> [EXERCISE DATA]:
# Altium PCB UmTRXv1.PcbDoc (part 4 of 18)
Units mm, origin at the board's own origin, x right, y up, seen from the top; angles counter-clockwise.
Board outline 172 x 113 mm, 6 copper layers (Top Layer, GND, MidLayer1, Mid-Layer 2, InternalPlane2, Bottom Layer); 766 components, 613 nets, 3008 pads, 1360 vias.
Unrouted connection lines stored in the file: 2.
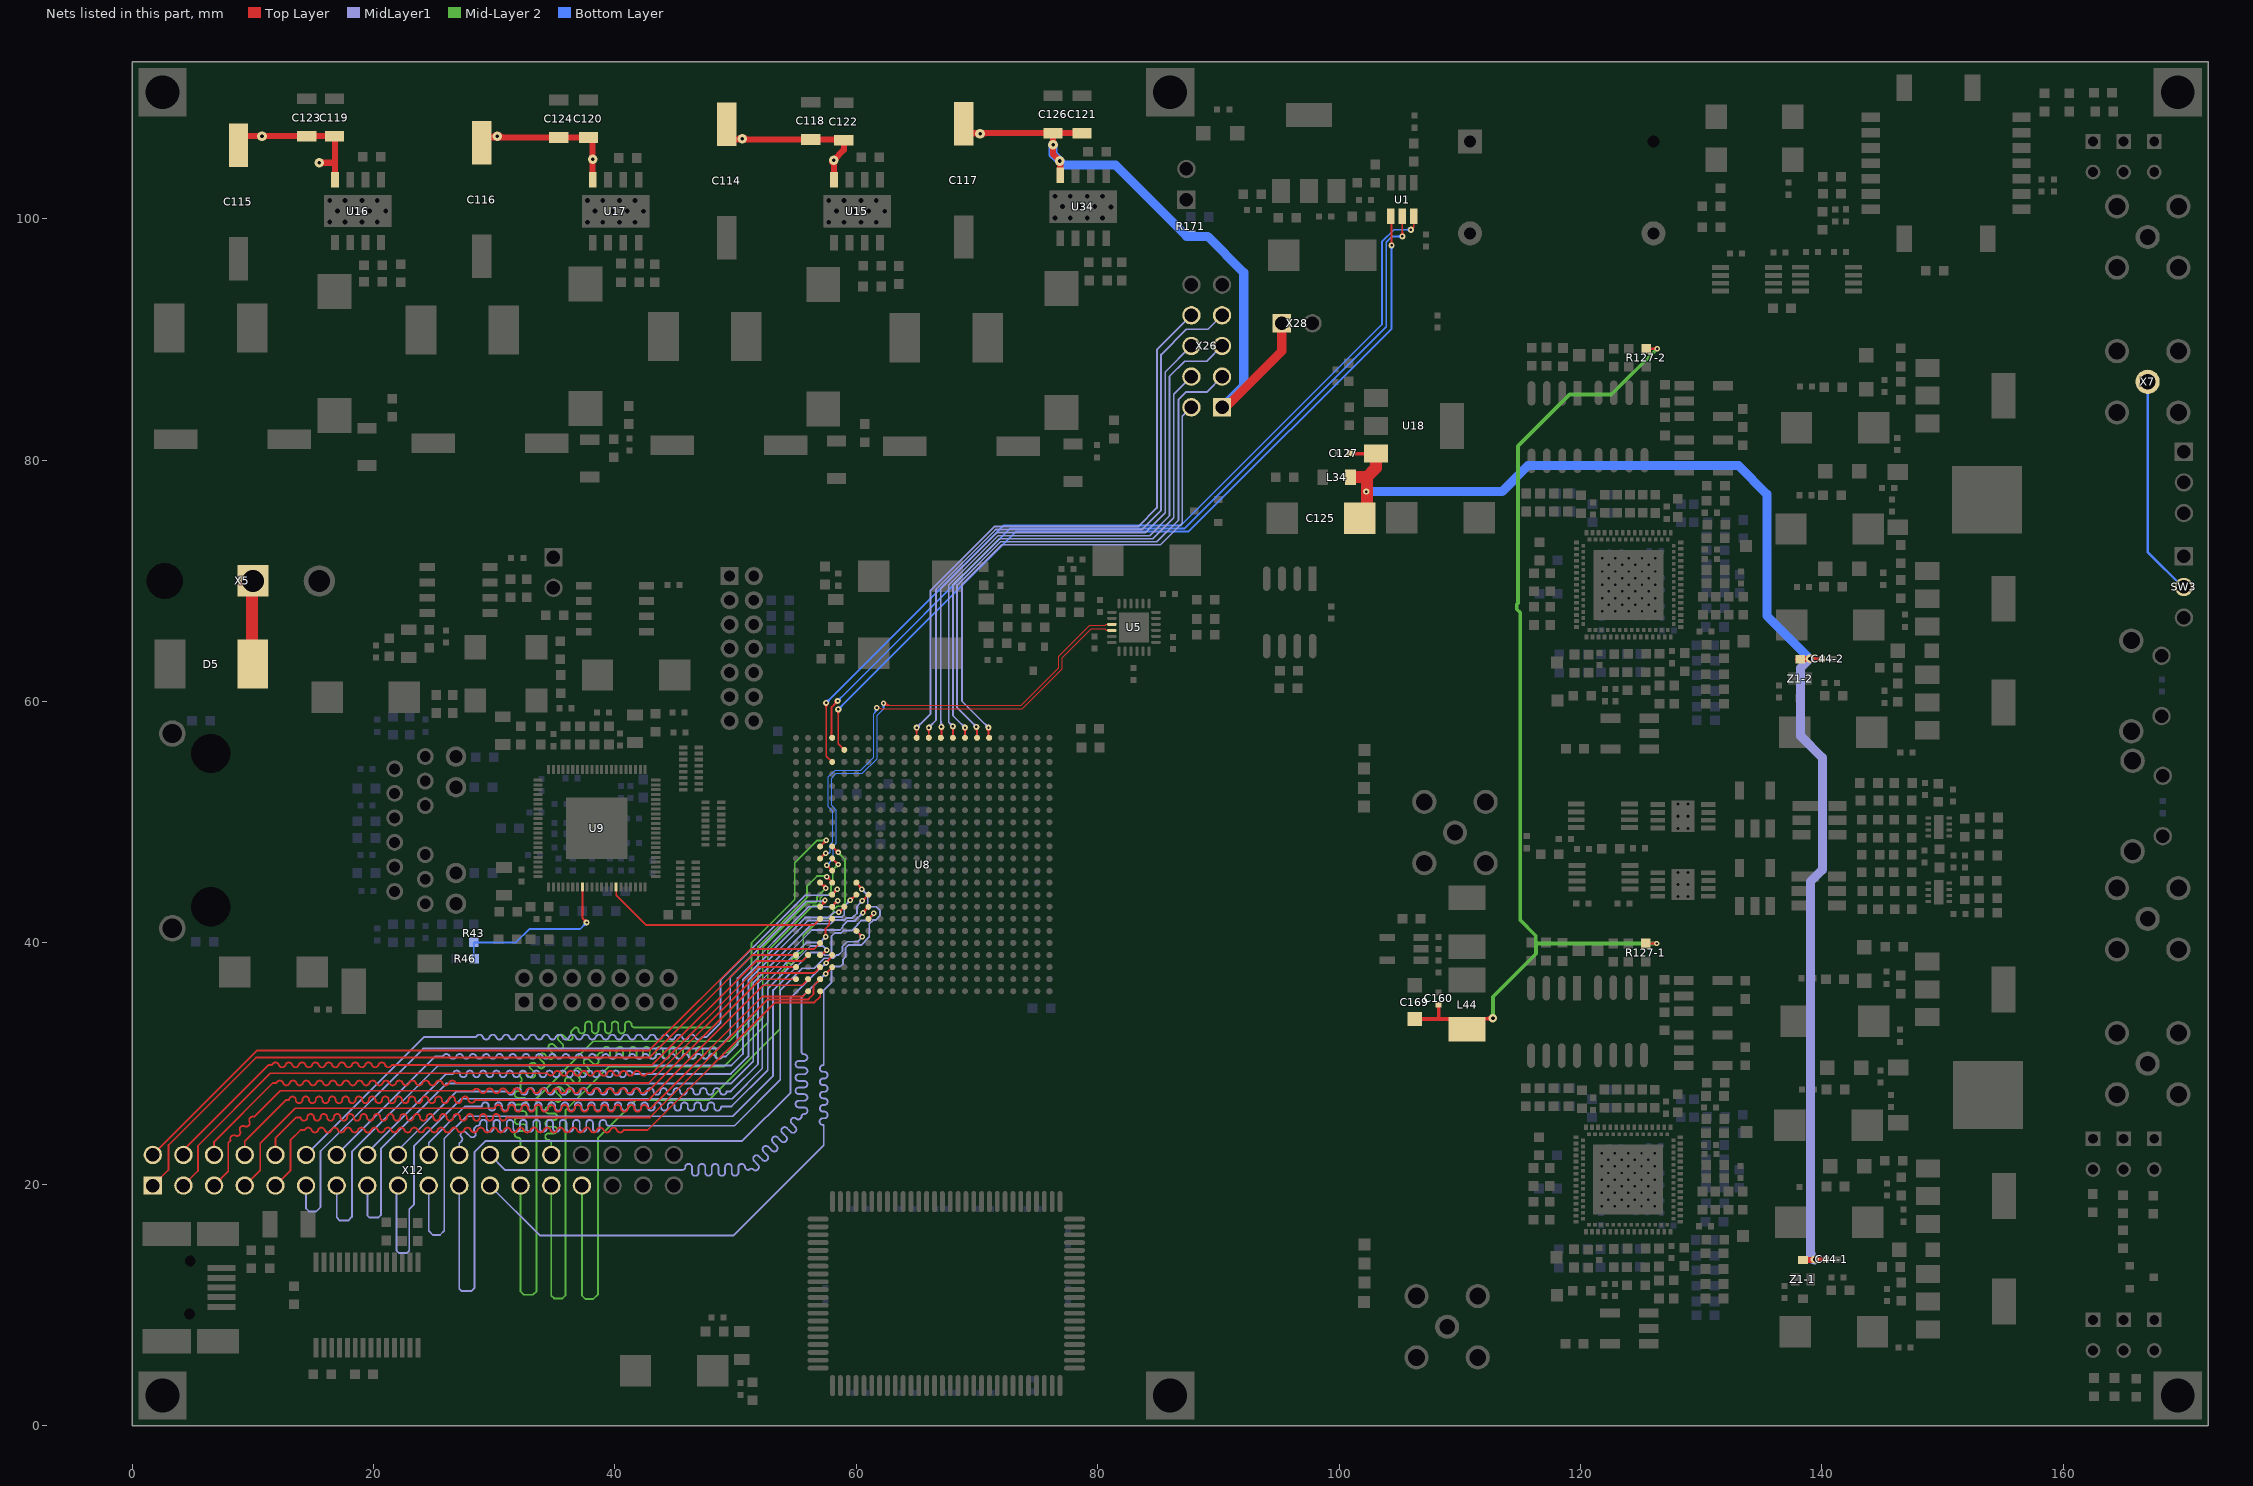
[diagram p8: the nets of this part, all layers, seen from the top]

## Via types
v1: diameter 0.45, hole 0.2, Top Layer to Bottom Layer, tented both sides, 554 vias
v2: diameter 0.5, hole 0.2, Top Layer to Bottom Layer, tented both sides, 468 vias
v3: diameter 0.7, hole 0.3, Top Layer to Bottom Layer, tented both sides, 206 vias
v4: diameter 0.4, hole 0.2, Top Layer to Bottom Layer, tented both sides, 82 vias
v5: diameter 0.8, hole 0.3, Top Layer to Bottom Layer, tented both sides, 16 vias
v6: diameter 0.6, hole 0.25, Top Layer to Bottom Layer, tented both sides, 16 vias
v7: diameter 0.5, hole 0.3, Top Layer to Bottom Layer, tented both sides, 8 vias
v8: diameter 0.7, hole 0.3, Top Layer to Bottom Layer, 4 vias
v9: diameter 0.6, hole 0.3, Top Layer to Bottom Layer, tented both sides, 4 vias
v10: diameter 0.5, hole 0.2, Top Layer to Bottom Layer, 2 vias

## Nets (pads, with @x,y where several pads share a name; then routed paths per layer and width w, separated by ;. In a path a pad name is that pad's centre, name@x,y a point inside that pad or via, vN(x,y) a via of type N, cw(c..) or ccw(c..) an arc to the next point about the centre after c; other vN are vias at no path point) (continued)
+6.5V: C44-1.1 C44-2.1 C125.1 C127.1 L34.2 U18.3 Z1-1.1 Z1-2.1 | length 118
  Top Layer w0.3: C127.1@100.9,80.6 100.95,80.55 U18.3@103.05,80.55 ; v3(139.015,63.567) 139.931,63.567 C44-2.1@139.94,63.576 ; v3@139.157,63.426 cw(c139.498,63.084) 139.498,63.567 cw(c139.498,64.05) v3@139.157,63.708 ; v3(139.415,13.772) 140.331,13.772 C44-1.1@140.34,13.781 ; v3@139.557,13.63 cw(c139.898,13.289) 139.898,13.772 cw(c139.898,14.254) v3@139.557,13.913
  Top Layer w0.5: U18.3@102.95,80.45 U18.3@103.05,80.55 ; Z1-2.1@138.04,63.526 138.975,63.526 v3(139.015,63.567) ; Z1-1.1@138.44,13.731 139.375,13.731 v3(139.415,13.772)
  Top Layer w1: L34.2@100.95,78.6 102.3,78.6 ; C125.1@101.7,75.2 102.3,75.8 102.3,78.6 ; U18.3@103.05,80.55 103.05,79.35 102.3,78.6
  MidLayer1 w0.75: v3(139.015,63.567) 138.25,62.802 138.25,57.15 140.05,55.35 140.05,46.066 139.05,45.066 139.05,14.137 ; 139.05,14.593 ccw(c140.237,14.593) v3@139.398,13.754 ; v3@139.414,13.747 cw(c139.441,14.137) 139.05,14.137 ; v3(139.415,13.772) 139.05,14.137
  Bottom Layer w0.75: v2(102.25,77.4) 113.5,77.4 115.65,79.55 133.1,79.55 135.45,77.2 135.45,67.132 v3(139.015,63.567)
+12V: C114.1 C115.1 C116.1 C117.1 C118.1 C119.1 C120.1 C121.1 C122.1 C123.1 C124.1 C126.1 D5.2 R171.1 U15.8 U16.8 U17.8 U34.8 X5.1 X26.1 X28.1 | length 102.4
  Top Layer w0.5: C115.1@9.55,106.85 v5(10.75,106.85) C123.1@14.45,106.85 C119.1@16.75,106.85 16.795,106.805 16.795,104.55 ; v5(15.5,104.65) 16.695,104.65 16.795,104.55 ; U16.8@16.795,103.305 16.795,104.55 ; C116.1@29.4,106.75 C120.1@37.8,106.75 ; C116.1@29.646,106.75 ccw(c29.646,107.454) v5@30.144,106.956 ; v5@30.356,106.956 ccw(c30.854,107.454) 30.854,106.75 ; U17.8@38.153,103.239 C120.1@38.153,106.397 ; C114.1@49.582,106.568 C118.1@56.215,106.568 58.915,106.568 C122.1@58.965,106.518 58.965,105.718 v5(58.115,104.868) ; C114.1@49.99,106.568 ccw(c49.99,107.21) v5@50.444,106.756 ; v5@50.656,106.756 ccw(c51.11,107.21) 51.11,106.568 ; v5@57.965,104.718 v5(58.115,104.868) ; v5@58.009,104.762 cw(c57.709,104.462) 58.133,104.462 ; U15.8@58.133,103.289 58.133,104.85 v5(58.115,104.868) ; C117.1@69,107.1 C126.1@76.3,107.1 ; 69.767,107.1 cw(c69.767,106.567) v5@70.144,106.944 ; v5@70.356,106.944 cw(c70.733,106.567) 70.733,107.1 ; v5@76.744,104.694 cw(c76.384,104.334) 76.893,104.334 ; U34.8@76.893,103.602 76.893,104.757 v5(76.85,104.8) 76.3,105.35 v5(76.3,106.15) C126.1@76.3,107.1 ; C121.1@78.35,107.1 C126.1@76.3,107.1
  Top Layer w0.75: X26.1@90.3,84.39 90.59,84.39 95.25,89.05 X28.1@95.25,91.55
  Top Layer w1: D5.2@9.929,63.15 X5.1@9.929,70
  Bottom Layer w0.75: v5(76.3,106.15) 76.3,105.35 v5(76.85,104.8) 77.2,104.45 81.475,104.45 87.375,98.55 89.1,98.55 92.1,95.55 92.1,86.19 X26.1@90.3,84.39
  other v5: 38.15,104.95 50.55,106.65 30.25,106.85 70.25,107.05
-5V: C160.1 C169.1 L44.2 R127-1.2 R127-2.2 | length 86.6
  Top Layer w0.2: R127-1.2@125.411,39.958 126.315,39.958 v1(126.318,39.955) ; R127-2.2@125.45,89.25 126.354,89.25 v1(126.357,89.247) ; 126.008,39.958 cw(c126.008,39.645) v1@126.23,39.866 ; 126.025,39.958 ccw(c126.025,40.248) v1@126.23,40.043 ; 126.047,89.25 cw(c126.047,88.936) v1@126.269,89.158 ; 126.064,89.25 ccw(c126.064,89.54) v1@126.269,89.335
  Top Layer w0.3: C169.1@106.25,33.7 108.2,33.7 ; C160.1@108.25,34.9 108.25,33.75 108.2,33.7 ; 112.19,33.718 ccw(c112.19,34.31) v3@112.609,33.891 ; 112.344,33.718 cw(c112.344,33.344) v3@112.609,33.609 ; v3@112.75,33.7 112.732,33.718 110.55,33.718 110.532,33.7 108.2,33.7
  Mid-Layer 2 w0.3: v3@112.609,33.891 ccw(c112.267,34.233) 112.75,34.233 ccw(c113.233,34.233) v3@112.891,33.891 ; v3(112.75,33.75) 112.75,35.55 116.319,39.119 116.319,39.955 ; 116.319,40.096 116.319,39.955 ; v1(126.318,39.955) 116.319,39.955 ; v1(126.357,89.247) 122.561,85.45 119.1,85.45 114.825,81.175 114.825,68.147 114.725,68.047 114.725,67.653 115,67.378 115,41.9 116.3,40.6 116.3,39.955 116.319,39.955
ACT_LED: R43.2 R46.1 U9.50 | length 15.8
  Top Layer w0.15: U9.50@37.3,44.625 37.3,42.05 v2(37.65,41.7) ; v2@37.475,41.7 ccw(c37.053,41.7) 37.351,41.999 ccw(c37.65,42.297) v2@37.65,41.875
  Bottom Layer w0.15: R46.1@28.35,38.7 28.3,38.75 R43.2@28.3,40.05 31.8,40.05 32.9,41.15 37.1,41.15 v2(37.65,41.7) ; v2@37.475,41.7 cw(c37.053,41.7) 37.351,41.401 cw(c37.65,41.103) v2@37.65,41.525
AUX1: U8.AB6 X26.2 | length 45.2
  Top Layer w0.15: v2@70.826,57.726 cw(c70.528,57.428) 70.95,57.428 cw(c71.372,57.428) v2@71.074,57.726 ; v2(70.95,57.85) 70.95,57.05 U8.AB6@71,57
  MidLayer1 w0.15: v2@70.775,57.85 ccw(c70.353,57.85) 70.651,58.149 ccw(c70.95,58.447) v2@70.95,58.025 ; v2(70.95,57.85) 68.75,60.05 68.75,69.7 72.05,73 85.2,73 87,74.8 87,83.63 X26.2@87.76,84.39
AUX2: U8.AB7 X26.3 | length 49.6
  Top Layer w0.15: v2@69.826,57.776 cw(c69.407,57.357) 70,57.357 ; v2(69.95,57.9) 70,57.85 U8.AB7@70,57 ; 70,57.598 cw(c70.252,57.598) v2@70.074,57.776
  MidLayer1 w0.15: v2@69.775,57.9 ccw(c69.353,57.9) 69.651,58.199 ccw(c69.95,58.497) v2@69.95,58.075 ; v2(69.95,57.9) 68.35,59.5 68.35,69.654 71.946,73.25 84.9,73.25 86.7,75.05 86.7,85.05 87.3,85.65 89.02,85.65 X26.3@90.3,86.93
AUX3: U8.AB8 X26.4 | length 47.3
  Top Layer w0.15: v2@68.876,57.726 cw(c68.578,57.428) 69,57.428 cw(c69.422,57.428) v2@69.124,57.726 ; U8.AB8@69,57 v2(69,57.85)
  MidLayer1 w0.15: v2@68.825,57.85 ccw(c68.403,57.85) 68.701,58.149 ccw(c69,58.447) v2@69,58.025 ; v2(69,57.85) 68,58.85 68,69.657 71.843,73.5 84.55,73.5 86.3,75.25 86.3,85.47 X26.4@87.76,86.93
AUX4: U8.AB9 X26.5 | length 51.8
  Top Layer w0.15: v2@67.876,57.826 cw(c67.578,57.528) 68,57.528 cw(c68.422,57.528) v2@68.124,57.826 ; U8.AB9@68,57 v2(68,57.95)
  MidLayer1 w0.15: v2@67.825,57.95 ccw(c67.403,57.95) 67.701,58.249 ccw(c68,58.547) v2@68,58.125 ; v2(68,57.95) 67.65,58.3 67.65,69.661 71.739,73.75 84.3,73.75 85.95,75.4 85.95,86.95 87.2,88.2 89.03,88.2 X26.5@90.3,89.47
AUX5: U8.AB10 X26.6 | length 49.7
  Top Layer w0.15: v2@66.926,57.776 cw(c66.628,57.478) 67.05,57.478 cw(c67.472,57.478) v2@67.174,57.776 ; U8.AB10@67,57 67.05,57.05 v2(67.05,57.9)
  MidLayer1 w0.15: v2@66.926,58.024 ccw(c66.748,58.202) 67,58.202 ; 67,58.443 ccw(c67.593,58.443) v2@67.174,58.024 ; v2(67.05,57.9) 67,57.9 66.95,57.95 67,58 67,69.364 71.636,74 83.95,74 85.6,75.65 85.6,87.31 X26.6@87.76,89.47
AUX6: U8.AB11 X26.7 | length 54.5
  Top Layer w0.15: v2@65.876,57.726 cw(c65.578,57.428) 66,57.428 cw(c66.422,57.428) v2@66.124,57.726 ; U8.AB11@66,57.05 v2(66,57.85)
  MidLayer1 w0.15: v2(66,57.85) 66.6,58.45 66.6,69.318 71.532,74.25 83.65,74.25 85.25,75.85 85.25,88.75 87.35,90.85 89.14,90.85 X26.7@90.3,92.01 ; v2@66,58.025 ccw(c66,58.447) 66.299,58.149 ccw(c66.597,57.85) v2@66.175,57.85
AUX7: U8.AB12 X26.8 | length 52.7
  Top Layer w0.15: v2@64.876,57.726 cw(c64.578,57.428) 65,57.428 cw(c65.422,57.428) v2@65.124,57.726 ; U8.AB12@65,57 v2(65,57.85)
  MidLayer1 w0.15: v2(65,57.85) 66.15,59 66.15,69.221 71.429,74.5 83.35,74.5 84.9,76.05 84.9,89.15 X26.8@87.76,92.01 ; v2@65,58.025 ccw(c65,58.447) 65.299,58.149 ccw(c65.597,57.85) v2@65.175,57.85
CLK_FPGA_N: U5.9 U8.L19 | length 43.4
  Top Layer w0.1: v1@62.232,59.832 ccw(c62.552,60.152) 62.552,59.7 ; v1(62.25,59.85) 62.4,59.7 73.65,59.7 76.77,62.82 76.77,63.754 79.334,66.318 80.3,66.318 80.617,66.318 80.7,66.4 U5.9@81.175,66.4 ; v1@62.303,59.903 ccw(c62.793,60.393) 62.793,59.7 ; v1@62.374,59.974 ccw(c63.035,60.635) 63.035,59.7
  Top Layer w0.15: v1@57.55,46.3 cw(c57.55,45.938) 57.806,46.194 cw(c58.062,46.45) v1@57.7,46.45 ; v1(57.55,46.45) U8.L19@58,46
  Bottom Layer w0.1: v1(57.55,46.45) 58.1,47 58.1,48.05 58.33,48.28 58.33,51.016 57.95,51.396 57.95,53.65 58.35,54.05 60.5,54.05 61.73,55.28 61.73,58.88 62.25,59.4 v1(62.25,59.85) ; v1@57.55,46.625 ccw(c57.55,47.047) 57.849,46.749 ccw(c58.147,46.45) v1@57.725,46.45 ; v1@62.126,59.726 cw(c61.828,59.428) 62.25,59.428 cw(c62.672,59.428) v1@62.374,59.726
CLK_FPGA_P: U5.10 U8.M20 | length 41.4
  Top Layer w0.1: v1(61.7,59.5) 61.75,59.55 61.85,59.55 62.005,59.395 62.495,59.395 62.52,59.42 73.766,59.42 77.05,62.704 77.05,63.638 79.45,66.038 80.562,66.038 80.7,65.9 U5.10@81.175,65.9
  Top Layer w0.15: U8.M20@57,47 v1(57.45,47.45) ; v1@57.3,47.45 cw(c56.938,47.45) 57.194,47.194 cw(c57.45,46.938) v1@57.45,47.3
  Bottom Layer w0.1: v1(57.45,47.45) 57.75,47.45 ; v1@57.602,47.364 cw(c57.75,47.28) 57.75,47.45 ; v1@57.602,47.536 ccw(c57.75,47.62) 57.75,47.45 ; v1@61.538,59.434 cw(c61.167,59.283) 61.45,59 ; 61.557,59.107 ccw(c61.318,59.345) v1@61.63,59.472 ; v1@61.64,59.335 cw(c61.609,59.25) 61.7,59.25 ; 61.663,59.213 ccw(c61.47,59.406) v1@61.723,59.509 ; v1(61.7,59.5) 61.7,59.25 ; v1@61.76,59.335 ccw(c61.791,59.25) 61.7,59.25 ; 57.75,47.45 57.82,47.52 57.82,48.166 58.05,48.396 58.05,50.9 57.67,51.28 57.67,53.766 58.152,54.248 58.234,54.33 60.384,54.33 61.45,55.396 61.45,59 ; 61.45,59 61.7,59.25
CLK_TO_MAC: U8.G20 U9.57 | length 18.8
  Top Layer w0.15: U9.57@40.1,44.625 40.1,43.95 42.55,41.5 56.5,41.5 U8.G20@57,42
CLKIO: SW3.2 X7.1 | length 18.3
  Bottom Layer w0.2: X7.1@167,86.5 167,72.4 SW3.2@169.95,69.45
DAC_CLK: U1.5 U8.AB19 | length 74.4
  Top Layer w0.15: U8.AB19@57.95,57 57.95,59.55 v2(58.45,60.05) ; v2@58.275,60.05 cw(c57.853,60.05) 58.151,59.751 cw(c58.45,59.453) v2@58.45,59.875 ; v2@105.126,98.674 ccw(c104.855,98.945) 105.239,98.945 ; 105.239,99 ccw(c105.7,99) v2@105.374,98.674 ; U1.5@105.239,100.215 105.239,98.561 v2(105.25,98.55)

> [WORK TASK]: Every line above that includes the word "from" must appear in the answer.

> [RESPONSE FOR THIS EXERCISE]:
Units mm, origin at the board's own origin, x right, y up, seen from the top; angles counter-clockwise.
[diagram p8: the nets of this part, all layers, seen from the top]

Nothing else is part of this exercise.